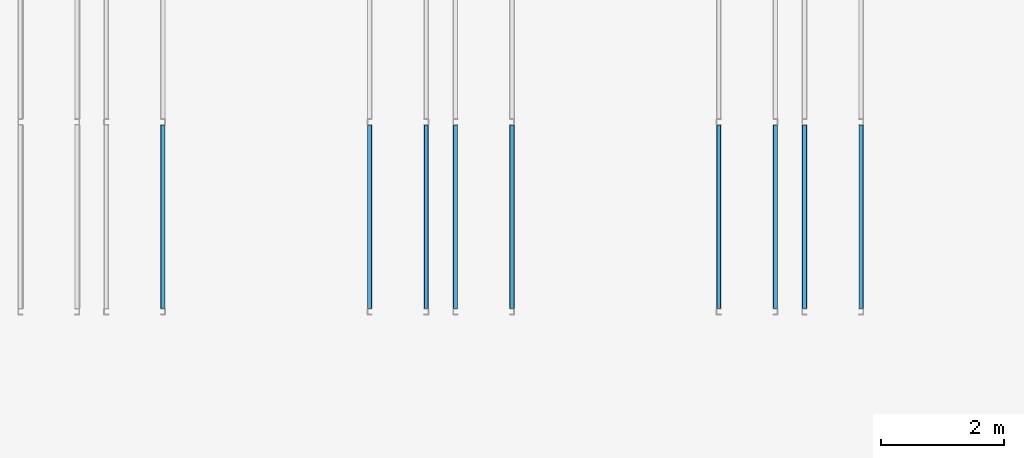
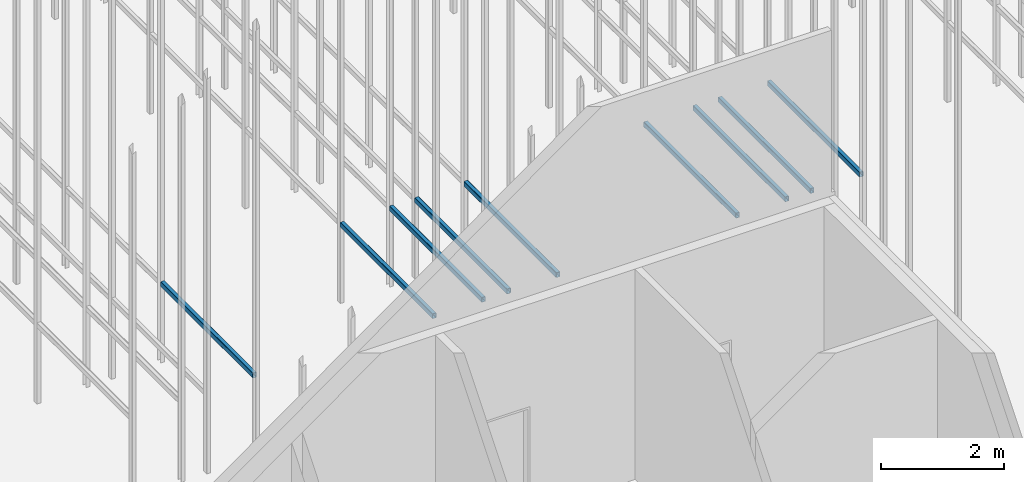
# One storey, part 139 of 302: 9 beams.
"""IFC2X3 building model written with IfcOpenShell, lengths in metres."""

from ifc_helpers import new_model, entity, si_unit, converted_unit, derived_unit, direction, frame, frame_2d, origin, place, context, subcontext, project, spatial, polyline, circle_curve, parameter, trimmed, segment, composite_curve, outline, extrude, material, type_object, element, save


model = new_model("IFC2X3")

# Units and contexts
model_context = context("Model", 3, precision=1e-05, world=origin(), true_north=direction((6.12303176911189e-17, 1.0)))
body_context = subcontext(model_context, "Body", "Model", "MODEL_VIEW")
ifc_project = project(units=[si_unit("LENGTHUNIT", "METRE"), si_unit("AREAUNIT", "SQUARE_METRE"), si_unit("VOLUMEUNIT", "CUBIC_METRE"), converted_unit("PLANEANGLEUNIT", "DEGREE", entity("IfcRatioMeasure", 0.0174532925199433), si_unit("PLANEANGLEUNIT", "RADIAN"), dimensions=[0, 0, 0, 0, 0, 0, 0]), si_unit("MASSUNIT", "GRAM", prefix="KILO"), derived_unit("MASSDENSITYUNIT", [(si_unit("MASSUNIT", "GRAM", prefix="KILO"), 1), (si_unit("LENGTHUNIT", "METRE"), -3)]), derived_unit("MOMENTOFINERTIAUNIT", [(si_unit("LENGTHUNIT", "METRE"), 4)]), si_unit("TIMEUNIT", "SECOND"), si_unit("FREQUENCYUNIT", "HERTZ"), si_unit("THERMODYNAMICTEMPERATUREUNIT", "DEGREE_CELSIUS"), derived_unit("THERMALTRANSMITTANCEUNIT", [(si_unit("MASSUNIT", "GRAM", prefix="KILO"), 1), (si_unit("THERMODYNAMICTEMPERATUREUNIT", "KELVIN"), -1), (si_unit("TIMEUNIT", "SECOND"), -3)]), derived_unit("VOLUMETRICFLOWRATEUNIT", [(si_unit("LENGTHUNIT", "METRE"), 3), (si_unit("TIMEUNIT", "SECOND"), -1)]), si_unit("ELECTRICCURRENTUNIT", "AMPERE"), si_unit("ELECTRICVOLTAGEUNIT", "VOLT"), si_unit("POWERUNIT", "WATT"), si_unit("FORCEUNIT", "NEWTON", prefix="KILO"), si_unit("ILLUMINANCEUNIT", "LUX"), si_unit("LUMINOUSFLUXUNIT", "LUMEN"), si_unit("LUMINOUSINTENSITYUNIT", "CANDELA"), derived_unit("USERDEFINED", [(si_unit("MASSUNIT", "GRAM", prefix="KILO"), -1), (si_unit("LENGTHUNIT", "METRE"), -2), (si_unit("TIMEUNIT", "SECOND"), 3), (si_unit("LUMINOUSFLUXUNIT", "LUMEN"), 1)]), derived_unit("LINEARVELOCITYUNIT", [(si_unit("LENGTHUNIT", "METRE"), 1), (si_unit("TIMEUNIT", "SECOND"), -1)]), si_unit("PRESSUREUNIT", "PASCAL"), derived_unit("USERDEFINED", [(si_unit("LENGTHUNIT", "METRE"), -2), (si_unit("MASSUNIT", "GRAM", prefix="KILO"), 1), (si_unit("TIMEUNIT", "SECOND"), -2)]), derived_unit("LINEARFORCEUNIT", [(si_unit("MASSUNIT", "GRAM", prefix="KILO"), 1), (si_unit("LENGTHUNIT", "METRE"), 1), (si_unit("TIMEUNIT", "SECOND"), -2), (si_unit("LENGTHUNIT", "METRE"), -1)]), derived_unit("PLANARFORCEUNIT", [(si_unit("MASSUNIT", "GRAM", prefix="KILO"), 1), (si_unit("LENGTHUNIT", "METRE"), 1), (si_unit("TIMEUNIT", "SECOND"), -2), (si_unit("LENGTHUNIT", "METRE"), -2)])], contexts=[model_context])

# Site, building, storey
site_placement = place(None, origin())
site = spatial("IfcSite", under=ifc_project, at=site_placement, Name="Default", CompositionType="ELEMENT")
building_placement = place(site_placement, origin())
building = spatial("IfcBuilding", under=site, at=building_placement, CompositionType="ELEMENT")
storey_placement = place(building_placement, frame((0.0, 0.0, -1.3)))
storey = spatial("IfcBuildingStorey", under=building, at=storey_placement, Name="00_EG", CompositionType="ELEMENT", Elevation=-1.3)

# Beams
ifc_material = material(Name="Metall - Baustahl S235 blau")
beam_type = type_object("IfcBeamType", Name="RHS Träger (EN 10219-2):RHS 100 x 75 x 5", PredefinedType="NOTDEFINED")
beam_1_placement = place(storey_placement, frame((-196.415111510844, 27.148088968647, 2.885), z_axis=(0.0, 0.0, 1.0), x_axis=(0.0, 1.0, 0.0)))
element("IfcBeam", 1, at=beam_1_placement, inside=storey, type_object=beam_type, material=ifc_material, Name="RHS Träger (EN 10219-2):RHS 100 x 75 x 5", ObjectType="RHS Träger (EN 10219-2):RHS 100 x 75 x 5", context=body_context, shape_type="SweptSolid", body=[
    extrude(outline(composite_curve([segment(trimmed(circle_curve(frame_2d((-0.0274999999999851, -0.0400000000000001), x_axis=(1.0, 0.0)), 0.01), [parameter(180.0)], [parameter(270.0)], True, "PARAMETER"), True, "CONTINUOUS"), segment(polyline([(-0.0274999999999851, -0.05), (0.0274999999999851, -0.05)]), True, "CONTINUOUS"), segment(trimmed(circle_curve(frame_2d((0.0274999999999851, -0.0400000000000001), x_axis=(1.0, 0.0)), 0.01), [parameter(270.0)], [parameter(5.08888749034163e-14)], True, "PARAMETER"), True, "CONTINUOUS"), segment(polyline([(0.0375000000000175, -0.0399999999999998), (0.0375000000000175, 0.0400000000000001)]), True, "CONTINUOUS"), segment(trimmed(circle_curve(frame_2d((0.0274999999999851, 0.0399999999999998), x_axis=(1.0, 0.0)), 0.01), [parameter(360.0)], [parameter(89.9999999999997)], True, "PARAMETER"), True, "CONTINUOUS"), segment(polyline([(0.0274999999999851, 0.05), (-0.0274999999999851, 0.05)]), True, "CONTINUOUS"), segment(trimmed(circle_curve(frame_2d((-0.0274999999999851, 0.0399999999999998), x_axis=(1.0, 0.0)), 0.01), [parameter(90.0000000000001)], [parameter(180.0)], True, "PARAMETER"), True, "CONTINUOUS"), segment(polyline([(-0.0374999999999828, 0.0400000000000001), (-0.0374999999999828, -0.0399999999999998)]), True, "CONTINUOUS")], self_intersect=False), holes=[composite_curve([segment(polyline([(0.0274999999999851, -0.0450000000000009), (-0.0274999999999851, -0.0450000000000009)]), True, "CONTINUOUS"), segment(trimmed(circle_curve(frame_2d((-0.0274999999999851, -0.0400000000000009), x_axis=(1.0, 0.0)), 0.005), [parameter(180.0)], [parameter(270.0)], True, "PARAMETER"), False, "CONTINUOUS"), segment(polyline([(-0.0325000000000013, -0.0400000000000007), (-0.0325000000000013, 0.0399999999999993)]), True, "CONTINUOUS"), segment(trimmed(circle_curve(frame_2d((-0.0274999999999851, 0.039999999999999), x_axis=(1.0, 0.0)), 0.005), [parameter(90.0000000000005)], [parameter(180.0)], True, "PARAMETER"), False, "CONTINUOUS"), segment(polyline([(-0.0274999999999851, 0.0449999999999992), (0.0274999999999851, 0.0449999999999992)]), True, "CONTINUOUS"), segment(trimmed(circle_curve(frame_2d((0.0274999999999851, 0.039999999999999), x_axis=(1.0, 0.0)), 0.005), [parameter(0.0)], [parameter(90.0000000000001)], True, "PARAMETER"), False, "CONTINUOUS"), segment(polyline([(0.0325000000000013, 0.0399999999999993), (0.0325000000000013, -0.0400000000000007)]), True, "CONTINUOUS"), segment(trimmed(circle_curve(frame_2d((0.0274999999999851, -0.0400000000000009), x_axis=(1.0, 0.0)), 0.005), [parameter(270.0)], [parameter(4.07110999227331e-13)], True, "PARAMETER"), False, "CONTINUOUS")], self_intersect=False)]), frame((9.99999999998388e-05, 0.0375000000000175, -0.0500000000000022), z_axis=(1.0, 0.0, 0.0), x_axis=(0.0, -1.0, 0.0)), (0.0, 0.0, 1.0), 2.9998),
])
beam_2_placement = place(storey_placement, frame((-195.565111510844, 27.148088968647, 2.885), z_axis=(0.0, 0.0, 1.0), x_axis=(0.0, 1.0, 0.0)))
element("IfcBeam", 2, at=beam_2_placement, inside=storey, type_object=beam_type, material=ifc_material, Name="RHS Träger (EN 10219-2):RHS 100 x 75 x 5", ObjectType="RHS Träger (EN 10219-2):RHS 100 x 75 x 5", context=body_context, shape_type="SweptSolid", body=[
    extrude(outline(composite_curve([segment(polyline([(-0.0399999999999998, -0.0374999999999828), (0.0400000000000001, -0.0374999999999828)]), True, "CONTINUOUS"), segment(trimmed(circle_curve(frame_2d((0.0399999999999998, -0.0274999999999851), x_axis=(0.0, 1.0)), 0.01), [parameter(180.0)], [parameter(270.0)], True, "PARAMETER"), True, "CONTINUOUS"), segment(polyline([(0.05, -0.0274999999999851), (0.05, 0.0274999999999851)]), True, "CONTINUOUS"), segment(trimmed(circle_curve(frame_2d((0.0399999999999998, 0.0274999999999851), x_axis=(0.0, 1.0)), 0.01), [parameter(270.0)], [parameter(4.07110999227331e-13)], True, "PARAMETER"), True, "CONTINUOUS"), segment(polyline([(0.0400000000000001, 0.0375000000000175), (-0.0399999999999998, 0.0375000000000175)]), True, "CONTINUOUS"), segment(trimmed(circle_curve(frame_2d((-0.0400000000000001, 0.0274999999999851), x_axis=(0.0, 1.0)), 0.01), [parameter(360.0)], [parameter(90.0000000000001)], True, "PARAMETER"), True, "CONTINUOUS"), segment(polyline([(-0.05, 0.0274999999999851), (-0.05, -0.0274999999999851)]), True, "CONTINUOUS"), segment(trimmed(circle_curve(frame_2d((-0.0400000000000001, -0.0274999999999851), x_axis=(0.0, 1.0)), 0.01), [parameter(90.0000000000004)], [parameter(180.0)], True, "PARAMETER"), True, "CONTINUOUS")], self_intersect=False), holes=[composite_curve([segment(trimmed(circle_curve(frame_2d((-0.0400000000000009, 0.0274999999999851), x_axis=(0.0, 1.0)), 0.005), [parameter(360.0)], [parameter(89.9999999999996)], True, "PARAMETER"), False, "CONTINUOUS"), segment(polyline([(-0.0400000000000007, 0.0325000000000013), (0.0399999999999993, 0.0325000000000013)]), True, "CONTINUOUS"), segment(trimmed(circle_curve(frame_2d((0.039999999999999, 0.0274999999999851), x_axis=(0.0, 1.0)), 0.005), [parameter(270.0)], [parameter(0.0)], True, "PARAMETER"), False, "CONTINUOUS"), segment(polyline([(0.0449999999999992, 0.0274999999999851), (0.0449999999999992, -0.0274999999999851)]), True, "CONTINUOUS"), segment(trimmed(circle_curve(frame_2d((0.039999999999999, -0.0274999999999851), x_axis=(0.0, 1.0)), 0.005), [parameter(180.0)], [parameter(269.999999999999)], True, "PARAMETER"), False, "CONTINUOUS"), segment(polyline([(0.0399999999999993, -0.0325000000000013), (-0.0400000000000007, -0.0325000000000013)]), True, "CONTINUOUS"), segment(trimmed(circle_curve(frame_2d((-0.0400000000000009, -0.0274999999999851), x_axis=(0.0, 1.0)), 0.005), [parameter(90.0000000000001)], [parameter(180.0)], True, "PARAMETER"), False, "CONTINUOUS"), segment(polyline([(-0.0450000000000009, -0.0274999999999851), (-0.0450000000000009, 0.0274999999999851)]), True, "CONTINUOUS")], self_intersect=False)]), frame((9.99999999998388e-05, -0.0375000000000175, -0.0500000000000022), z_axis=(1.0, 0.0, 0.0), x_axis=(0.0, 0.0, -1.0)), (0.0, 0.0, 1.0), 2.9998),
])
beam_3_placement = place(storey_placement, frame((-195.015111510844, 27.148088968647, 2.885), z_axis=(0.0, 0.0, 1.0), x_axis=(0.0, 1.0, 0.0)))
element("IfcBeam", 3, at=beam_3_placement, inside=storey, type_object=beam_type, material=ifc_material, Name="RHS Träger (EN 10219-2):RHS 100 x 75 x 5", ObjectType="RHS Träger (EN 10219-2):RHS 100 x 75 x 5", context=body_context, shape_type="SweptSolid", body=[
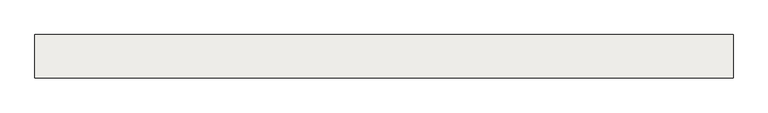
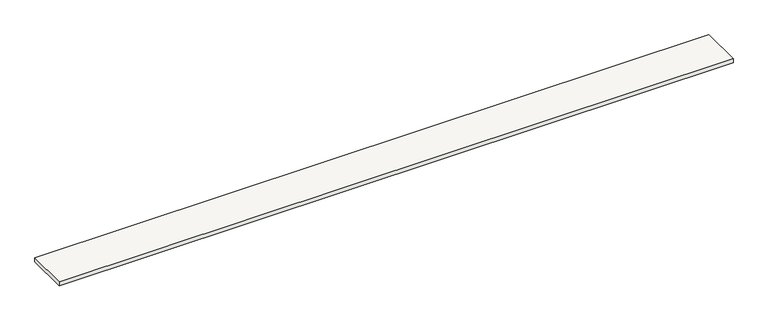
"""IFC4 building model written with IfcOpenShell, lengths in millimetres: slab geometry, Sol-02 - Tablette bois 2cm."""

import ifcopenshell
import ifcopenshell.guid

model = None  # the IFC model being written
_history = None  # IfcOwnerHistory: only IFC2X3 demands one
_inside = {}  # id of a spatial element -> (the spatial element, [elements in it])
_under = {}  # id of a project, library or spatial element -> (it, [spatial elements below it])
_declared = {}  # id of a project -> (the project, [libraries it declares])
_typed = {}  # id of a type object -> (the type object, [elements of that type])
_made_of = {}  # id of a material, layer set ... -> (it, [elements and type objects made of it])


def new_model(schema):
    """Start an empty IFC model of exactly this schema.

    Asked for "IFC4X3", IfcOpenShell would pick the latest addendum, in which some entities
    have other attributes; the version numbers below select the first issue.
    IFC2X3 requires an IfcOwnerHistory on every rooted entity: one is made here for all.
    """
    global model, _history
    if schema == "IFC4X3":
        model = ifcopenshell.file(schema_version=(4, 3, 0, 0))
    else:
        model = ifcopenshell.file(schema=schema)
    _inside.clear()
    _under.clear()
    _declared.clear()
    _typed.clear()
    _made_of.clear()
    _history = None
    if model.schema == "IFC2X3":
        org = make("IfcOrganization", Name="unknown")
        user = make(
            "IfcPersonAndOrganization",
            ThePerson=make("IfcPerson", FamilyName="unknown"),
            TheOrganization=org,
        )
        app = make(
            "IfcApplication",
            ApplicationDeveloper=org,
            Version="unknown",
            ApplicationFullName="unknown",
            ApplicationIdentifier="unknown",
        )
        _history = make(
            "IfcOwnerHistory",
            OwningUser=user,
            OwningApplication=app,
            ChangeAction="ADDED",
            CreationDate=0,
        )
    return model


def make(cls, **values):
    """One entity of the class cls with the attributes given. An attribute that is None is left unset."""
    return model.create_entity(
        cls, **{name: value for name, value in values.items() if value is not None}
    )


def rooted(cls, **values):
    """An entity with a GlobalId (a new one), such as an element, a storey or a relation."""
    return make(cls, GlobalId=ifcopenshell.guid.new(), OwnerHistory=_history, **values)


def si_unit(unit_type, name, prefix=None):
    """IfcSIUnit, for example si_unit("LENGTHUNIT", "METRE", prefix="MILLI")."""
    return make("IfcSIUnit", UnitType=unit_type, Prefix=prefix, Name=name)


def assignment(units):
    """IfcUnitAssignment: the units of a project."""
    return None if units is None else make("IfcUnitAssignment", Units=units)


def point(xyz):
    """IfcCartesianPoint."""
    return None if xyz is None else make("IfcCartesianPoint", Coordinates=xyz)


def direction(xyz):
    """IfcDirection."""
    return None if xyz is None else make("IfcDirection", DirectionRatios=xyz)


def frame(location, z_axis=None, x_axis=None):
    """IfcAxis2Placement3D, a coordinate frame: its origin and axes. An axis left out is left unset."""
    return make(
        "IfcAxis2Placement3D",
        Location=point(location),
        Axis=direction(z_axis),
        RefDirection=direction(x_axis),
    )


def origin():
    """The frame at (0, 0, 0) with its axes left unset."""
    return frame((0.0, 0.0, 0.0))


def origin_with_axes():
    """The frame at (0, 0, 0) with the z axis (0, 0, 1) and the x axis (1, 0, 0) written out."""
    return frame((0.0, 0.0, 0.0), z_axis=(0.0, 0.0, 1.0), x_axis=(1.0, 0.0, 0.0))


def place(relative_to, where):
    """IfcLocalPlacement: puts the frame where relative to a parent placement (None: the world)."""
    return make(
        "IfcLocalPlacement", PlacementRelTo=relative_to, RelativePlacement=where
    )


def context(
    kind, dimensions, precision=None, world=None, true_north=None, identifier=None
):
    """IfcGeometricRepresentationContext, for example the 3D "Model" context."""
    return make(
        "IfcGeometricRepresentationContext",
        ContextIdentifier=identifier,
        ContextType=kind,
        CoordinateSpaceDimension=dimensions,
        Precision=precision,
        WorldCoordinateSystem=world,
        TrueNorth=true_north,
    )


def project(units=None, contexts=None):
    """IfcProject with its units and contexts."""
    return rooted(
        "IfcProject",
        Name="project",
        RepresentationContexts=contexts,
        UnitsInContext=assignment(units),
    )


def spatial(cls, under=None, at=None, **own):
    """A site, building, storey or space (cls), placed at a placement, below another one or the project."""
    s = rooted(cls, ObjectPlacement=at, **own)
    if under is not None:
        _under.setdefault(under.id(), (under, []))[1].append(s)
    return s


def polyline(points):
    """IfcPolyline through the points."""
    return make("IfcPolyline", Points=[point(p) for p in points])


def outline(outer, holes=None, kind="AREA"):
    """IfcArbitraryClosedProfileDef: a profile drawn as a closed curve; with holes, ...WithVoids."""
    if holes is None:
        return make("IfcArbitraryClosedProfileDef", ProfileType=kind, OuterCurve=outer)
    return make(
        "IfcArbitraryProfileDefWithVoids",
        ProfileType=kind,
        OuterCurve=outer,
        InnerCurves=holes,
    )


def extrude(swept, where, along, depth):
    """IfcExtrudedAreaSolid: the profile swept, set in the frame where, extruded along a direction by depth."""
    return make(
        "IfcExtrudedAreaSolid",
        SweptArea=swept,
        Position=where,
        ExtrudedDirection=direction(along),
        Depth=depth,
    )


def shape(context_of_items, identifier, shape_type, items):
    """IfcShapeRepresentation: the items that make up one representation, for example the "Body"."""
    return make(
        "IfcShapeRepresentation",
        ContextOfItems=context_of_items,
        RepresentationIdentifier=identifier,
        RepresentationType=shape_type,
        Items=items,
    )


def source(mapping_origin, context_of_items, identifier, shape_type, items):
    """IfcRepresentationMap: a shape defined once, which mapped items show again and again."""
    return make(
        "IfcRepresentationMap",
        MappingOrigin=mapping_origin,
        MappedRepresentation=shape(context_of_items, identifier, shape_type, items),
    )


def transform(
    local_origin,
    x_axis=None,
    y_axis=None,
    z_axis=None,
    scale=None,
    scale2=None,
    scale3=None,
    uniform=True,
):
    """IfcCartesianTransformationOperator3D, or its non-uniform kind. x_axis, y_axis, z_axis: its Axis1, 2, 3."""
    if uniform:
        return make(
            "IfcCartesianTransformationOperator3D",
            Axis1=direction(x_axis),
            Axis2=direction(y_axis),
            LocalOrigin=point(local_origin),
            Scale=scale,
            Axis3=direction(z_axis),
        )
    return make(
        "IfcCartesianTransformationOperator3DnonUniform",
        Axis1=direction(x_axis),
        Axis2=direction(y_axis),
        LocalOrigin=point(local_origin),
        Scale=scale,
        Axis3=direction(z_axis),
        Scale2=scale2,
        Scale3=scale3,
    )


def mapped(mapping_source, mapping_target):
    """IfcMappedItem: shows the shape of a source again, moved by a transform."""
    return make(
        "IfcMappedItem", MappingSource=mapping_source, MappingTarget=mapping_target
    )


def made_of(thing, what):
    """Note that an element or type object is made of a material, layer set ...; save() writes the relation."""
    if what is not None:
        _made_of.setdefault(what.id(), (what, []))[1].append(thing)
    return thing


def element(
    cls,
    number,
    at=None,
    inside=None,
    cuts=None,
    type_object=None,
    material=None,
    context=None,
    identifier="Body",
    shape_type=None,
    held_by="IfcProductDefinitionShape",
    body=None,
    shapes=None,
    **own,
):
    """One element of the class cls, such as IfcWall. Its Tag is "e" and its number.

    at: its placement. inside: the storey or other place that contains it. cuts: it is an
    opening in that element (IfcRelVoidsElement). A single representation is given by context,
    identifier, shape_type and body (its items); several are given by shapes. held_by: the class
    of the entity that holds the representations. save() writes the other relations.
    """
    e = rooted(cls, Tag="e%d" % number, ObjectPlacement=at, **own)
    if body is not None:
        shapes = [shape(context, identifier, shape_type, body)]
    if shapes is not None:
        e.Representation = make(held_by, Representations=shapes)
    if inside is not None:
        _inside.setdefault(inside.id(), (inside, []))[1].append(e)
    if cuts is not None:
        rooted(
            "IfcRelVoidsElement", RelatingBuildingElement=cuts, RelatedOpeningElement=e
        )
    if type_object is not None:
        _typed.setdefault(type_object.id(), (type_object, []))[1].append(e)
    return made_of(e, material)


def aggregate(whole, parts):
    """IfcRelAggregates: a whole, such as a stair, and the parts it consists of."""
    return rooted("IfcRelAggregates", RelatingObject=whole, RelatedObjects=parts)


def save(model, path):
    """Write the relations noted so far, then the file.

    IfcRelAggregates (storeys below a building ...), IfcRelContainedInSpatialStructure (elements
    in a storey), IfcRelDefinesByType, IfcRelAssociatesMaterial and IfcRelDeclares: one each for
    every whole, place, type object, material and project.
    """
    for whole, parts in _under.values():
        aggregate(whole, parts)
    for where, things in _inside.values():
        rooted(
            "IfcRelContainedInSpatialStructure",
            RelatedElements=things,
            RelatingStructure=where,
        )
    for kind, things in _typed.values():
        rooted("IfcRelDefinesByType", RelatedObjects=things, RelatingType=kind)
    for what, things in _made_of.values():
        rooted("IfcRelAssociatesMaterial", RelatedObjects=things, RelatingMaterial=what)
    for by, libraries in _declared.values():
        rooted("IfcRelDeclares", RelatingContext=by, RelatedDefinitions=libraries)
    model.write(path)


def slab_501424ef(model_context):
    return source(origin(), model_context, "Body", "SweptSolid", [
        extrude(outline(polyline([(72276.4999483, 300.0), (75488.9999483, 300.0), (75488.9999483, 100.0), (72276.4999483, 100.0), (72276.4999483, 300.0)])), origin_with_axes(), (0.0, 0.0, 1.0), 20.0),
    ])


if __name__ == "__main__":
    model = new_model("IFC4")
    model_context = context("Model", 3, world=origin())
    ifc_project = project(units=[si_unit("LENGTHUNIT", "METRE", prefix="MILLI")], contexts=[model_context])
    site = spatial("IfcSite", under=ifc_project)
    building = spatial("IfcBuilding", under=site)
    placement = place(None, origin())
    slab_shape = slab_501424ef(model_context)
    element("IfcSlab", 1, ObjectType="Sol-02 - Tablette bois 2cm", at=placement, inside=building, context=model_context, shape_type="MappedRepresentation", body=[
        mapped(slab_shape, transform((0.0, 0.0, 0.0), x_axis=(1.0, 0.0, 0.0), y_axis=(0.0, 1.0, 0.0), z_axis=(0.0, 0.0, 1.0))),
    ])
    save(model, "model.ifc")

+ + + + +

(WHAT IS REQUIRED): Find the word "LocalOrigin" in the listing above. Copy each line where it appears.

(RESULT FOR THIS TASK):
            LocalOrigin=point(local_origin),
        LocalOrigin=point(local_origin),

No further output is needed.